在《医理真传》中,既有真阳发病,阳虚阴寒盛的“阳虚症门”及“辨认一切阳虚证法”的认证要点和治法;
又有元阴不足,邪热旺盛的“阴虚症门”及“辨认一切阴虚证法”的辨治理法和方药,阴阳兼顾,从不偏颇。
如重视扶阳祛寒方面,在《医法圆通》专立“四逆汤圆通应用法”一篇,说四逆汤“力能温下焦真阳”“力能祛逐阴寒,迎阳归舍”“力能扶阳祛阴”“力能回先天之真阳,阳气一回,津液复升”“力能扶坎中真阳”,认为四逆汤“不独专为少阴立法,而上中下三部之法具备,得知此理,便知得姜附之功用也”。
再如重视清热救阴方面,在《医法圆通》中分别阐释了“葛根汤圆通应用法”“白虎汤圆通应用法”以及“大承气汤圆通应用法”。
其认为葛根汤“力能解阳明风热”“力能祛阳明之邪”;
认为白虎汤“力能灭火以存阴”“力能清热”“力能清胃之热”;认为大承气汤“力能制其亢龙”,扑灭旺极之邪火。
郑钦安对医圣张仲景特别推崇,在《医理真传·卷二》中深有体会地说:“千古以来,惟仲景一人,识透一元至理,二气盈虚消息,故病见三阴经者,即投以辛热,是知其阳不足,而阴有余也,故着重在回阳;病见三阳经者,即投以清凉,是知其阴不足,而阳有余也,故着重在存阴。”
在《医法圆通》中列入杂症数十条,强调辨明内外,判以阴阳,用方用药,皆以辨阴阳为主旨,认为治病“贵在认证有实据,实据者何?
即阴阳虚实而已”,“病之当服,附子、大黄、砒霜,皆是至宝;病不当服,参、芪、鹿茸、枸杞,都是砒霜”,说理犀利,针砭时弊。
郑钦安既重阳又重阴,并无扶阳抑阴之说,为什么人们只称郑氏为“火神派首领”或“郑火神”“姜附先生”呢?
这是因为郑钦安所处的时代为清朝末年,是温病学说盛行的年代,大多医生也是不深究真正温病学说的精义,滥用寒凉泻火攻伐之风盛行,因而治成坏病、治成阴证者不少。
郑氏在《医理真传·卷二》中感叹当时医者对“仲景一生心法,知之者寡”,不辨“阴阳界限”,“以三阳之方治三阴病,则失之远矣”。
所以,著书立说,针砭时弊、阐明医理,独具一格地将仲景《伤寒论》三阴病辨治思想及扶阳方药广泛地应用于临证,如用理中汤、四逆汤治疗诸多杂病,均能活法圆通,纠偏救弊,治愈许多群医束手无策的大症、重症,在当时引起了人们高度的关注。

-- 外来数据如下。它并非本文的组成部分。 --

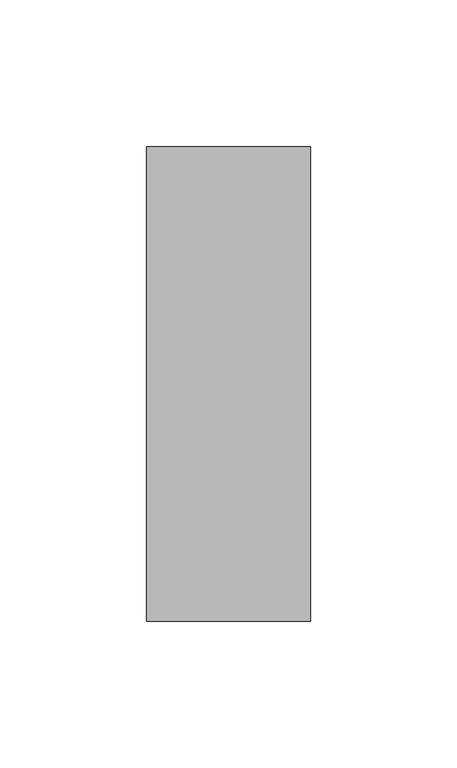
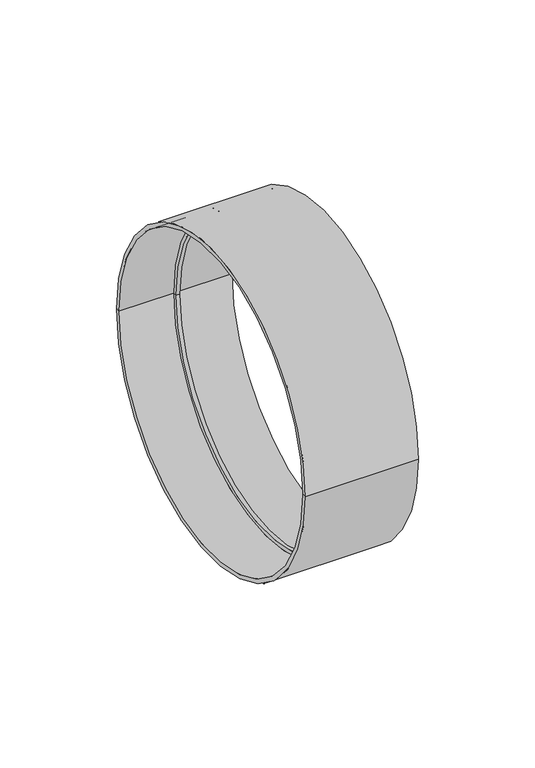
"""IFC4 building model written with IfcOpenShell, lengths in millimetres: duct fitting geometry, NLRS_57_DUF_UN_sleeve joint EPS-SH_M&G : ø125 ø160 (nested)."""

from ifc_helpers import new_model, si_unit, frame, origin, place, context, project, spatial, polyline, circle_curve, source, transform, mapped, element, save
from ifc_brep_helpers import plane_surface, cylinder_surface, revolved_surface, advanced_brep


def duct_fitting_64a3c626(model_context):
    return source(origin(), model_context, "Body", "AdvancedBrep", [
        advanced_brep(
        [(-28.0, -81.0, 0.0), (-28.0, 81.0, 0.0), (28.0, 81.0, 0.0), (28.0, -81.0, 0.0), (-28.0, -79.0, 0.0), (-28.0, 79.0, 0.0), (-1.0, -79.0, 0.0), (-1.0, 79.0, 0.0), (-1.0, -77.0, 0.0), (-1.0, 77.0, 0.0), (1.0, -79.0, 0.0), (1.0, 79.0, 0.0), (1.0, 77.0, 0.0), (1.0, -77.0, 0.0), (28.0, -79.0, 0.0), (28.0, 79.0, 0.0)],
        [
            (0, 1, circle_curve(frame((-28.0, 0.0, 0.0), z_axis=(1.0, 0.0, 0.0), x_axis=(0.0, 1.0, 0.0)), 81.0)),
            (1, 2),
            (2, 3, circle_curve(frame((28.0, 0.0, 0.0), z_axis=(-1.0, 0.0, 0.0), x_axis=(0.0, 1.0, 0.0)), 81.0)),
            (3, 0),
            (1, 0, circle_curve(frame((-28.0, 0.0, 0.0), z_axis=(1.0, 0.0, 0.0), x_axis=(0.0, 1.0, 0.0)), 81.0)),
            (3, 2, circle_curve(frame((28.0, 0.0, 0.0), z_axis=(-1.0, 0.0, 0.0), x_axis=(0.0, 1.0, 0.0)), 81.0)),
            (4, 5, circle_curve(frame((-28.0, 0.0, 0.0), z_axis=(1.0, 0.0, 0.0), x_axis=(0.0, 1.0, 0.0)), 79.0)),
            (5, 1),
            (0, 4),
            (5, 4, circle_curve(frame((-28.0, 0.0, 0.0), z_axis=(1.0, 0.0, 0.0), x_axis=(0.0, 1.0, 0.0)), 79.0)),
            (6, 7, circle_curve(frame((-1.0, 0.0, 0.0), z_axis=(1.0, 0.0, 0.0), x_axis=(0.0, 1.0, 0.0)), 79.0)),
            (7, 5),
            (4, 6),
            (7, 6, circle_curve(frame((-1.0, 0.0, 0.0), z_axis=(1.0, 0.0, 0.0), x_axis=(0.0, 1.0, 0.0)), 79.0)),
            (8, 9, circle_curve(frame((-1.0, 0.0, 0.0), z_axis=(1.0, 0.0, 0.0), x_axis=(0.0, 1.0, 0.0)), 77.0)),
            (9, 7),
            (6, 8),
            (9, 8, circle_curve(frame((-1.0, 0.0, 0.0), z_axis=(1.0, 0.0, 0.0), x_axis=(0.0, 1.0, 0.0)), 77.0)),
            (10, 11, circle_curve(frame((1.0, 0.0, 0.0), z_axis=(1.0, 0.0, 0.0), x_axis=(0.0, 1.0, 0.0)), 79.0)),
            (11, 12),
            (12, 13, circle_curve(frame((1.0, 0.0, 0.0), z_axis=(-1.0, 0.0, 0.0), x_axis=(0.0, 1.0, 0.0)), 77.0)),
            (13, 10),
            (11, 10, circle_curve(frame((1.0, 0.0, 0.0), z_axis=(1.0, 0.0, 0.0), x_axis=(0.0, 1.0, 0.0)), 79.0)),
            (13, 12, circle_curve(frame((1.0, 0.0, 0.0), z_axis=(-1.0, 0.0, 0.0), x_axis=(0.0, 1.0, 0.0)), 77.0)),
            (14, 15, circle_curve(frame((28.0, 0.0, 0.0), z_axis=(1.0, 0.0, 0.0), x_axis=(0.0, 1.0, 0.0)), 79.0)),
            (15, 11),
            (10, 14),
            (15, 14, circle_curve(frame((28.0, 0.0, 0.0), z_axis=(1.0, 0.0, 0.0), x_axis=(0.0, 1.0, 0.0)), 79.0)),
            (2, 15),
            (14, 3),
            (12, 9),
            (8, 13),
        ],
        [
            cylinder_surface(frame((1975.5, 0.0, 0.0), z_axis=(-1.0, 0.0, 0.0), x_axis=(0.0, 1.0, 0.0)), 81.0),
            plane_surface(frame((-28.0, 0.0, 0.0), z_axis=(-1.0, 0.0, 0.0), x_axis=(0.0, 1.0, 0.0))),
            revolved_surface(polyline([(-28.0, 79.0, 0.0), (-1.0, 79.0, 0.0)]), (1975.5, 0.0, 0.0), (-1.0, 0.0, 0.0)),
            plane_surface(frame((-1.0, 0.0, 0.0), z_axis=(-1.0, 0.0, 0.0), x_axis=(0.0, 1.0, 0.0))),
            plane_surface(frame((1.0, 0.0, 0.0), z_axis=(1.0, 0.0, 0.0), x_axis=(0.0, 1.0, 0.0))),
            revolved_surface(polyline([(1.0, 79.0, 0.0), (28.0, 79.0, 0.0)]), (1975.5, 0.0, 0.0), (-1.0, 0.0, 0.0)),
            plane_surface(frame((28.0, 0.0, 0.0), z_axis=(1.0, 0.0, 0.0), x_axis=(0.0, 1.0, 0.0))),
            revolved_surface(polyline([(-1.0, 77.0, 0.0), (1.0, 77.0, 0.0)]), (1975.5, 0.0, 0.0), (-1.0, 0.0, 0.0)),
        ],
        [
            (0, [[1, 2, 3, 4]]),
            (0, [[5, -4, 6, -2]]),
            (1, [[7, 8, -1, 9]]),
            (1, [[10, -9, -5, -8]]),
            (2, [[11, 12, -7, 13]]),
            (2, [[14, -13, -10, -12]]),
            (3, [[15, 16, -11, 17]]),
            (3, [[18, -17, -14, -16]]),
            (4, [[19, 20, 21, 22]]),
            (4, [[23, -22, 24, -20]]),
            (5, [[25, 26, -19, 27]]),
            (5, [[28, -27, -23, -26]]),
            (6, [[-3, 29, -25, 30]]),
            (6, [[-6, -30, -28, -29]]),
            (7, [[-21, 31, -15, 32]]),
            (7, [[-24, -32, -18, -31]]),
        ],
    ),
    ])


if __name__ == "__main__":
    model = new_model("IFC4")
    model_context = context("Model", 3, world=origin())
    ifc_project = project(units=[si_unit("LENGTHUNIT", "METRE", prefix="MILLI")], contexts=[model_context])
    site = spatial("IfcSite", under=ifc_project)
    building = spatial("IfcBuilding", under=site)
    placement = place(None, origin())
    duct_fitting_shape = duct_fitting_64a3c626(model_context)
    element("IfcDuctFitting", 1, ObjectType="NLRS_57_DUF_UN_sleeve joint EPS-SH_M&G : ø125 ø160 (nested)", at=placement, inside=building, context=model_context, shape_type="MappedRepresentation", body=[
        mapped(duct_fitting_shape, transform((0.0, 0.0, 0.0), x_axis=(1.0, 0.0, 0.0), y_axis=(0.0, 1.0, 0.0), z_axis=(0.0, 0.0, 1.0))),
    ])
    save(model, "model.ifc")

郑钦安先生虽重元阳,却并不疏于养阴,根本没有重阳轻阴的意思。注重先天坎中元阳只是一环,但也重视斡旋脾胃、调和五脏升降,阴阳和合方臻于至善。
扶阳并不是专以大剂量附、桂、姜而哗众取宠,而是适时把握附、桂、姜的用药时机,以助阴阳气化之机。
后人以此自成一家,渐成了以扶阳为主的学派。
我不赞成“火神派”这个提法,因为对于一个以用温热药为治疗特色的流派,称之为“扶阳学派”更能彰显其学术特点。
而“火神”之说只是民间对擅长应用热药治病有疗效的医生的一种褒称,以此用于标示一个学术流派是不严谨的,还会误导一些医生认为大剂量滥用附子就是“火神”。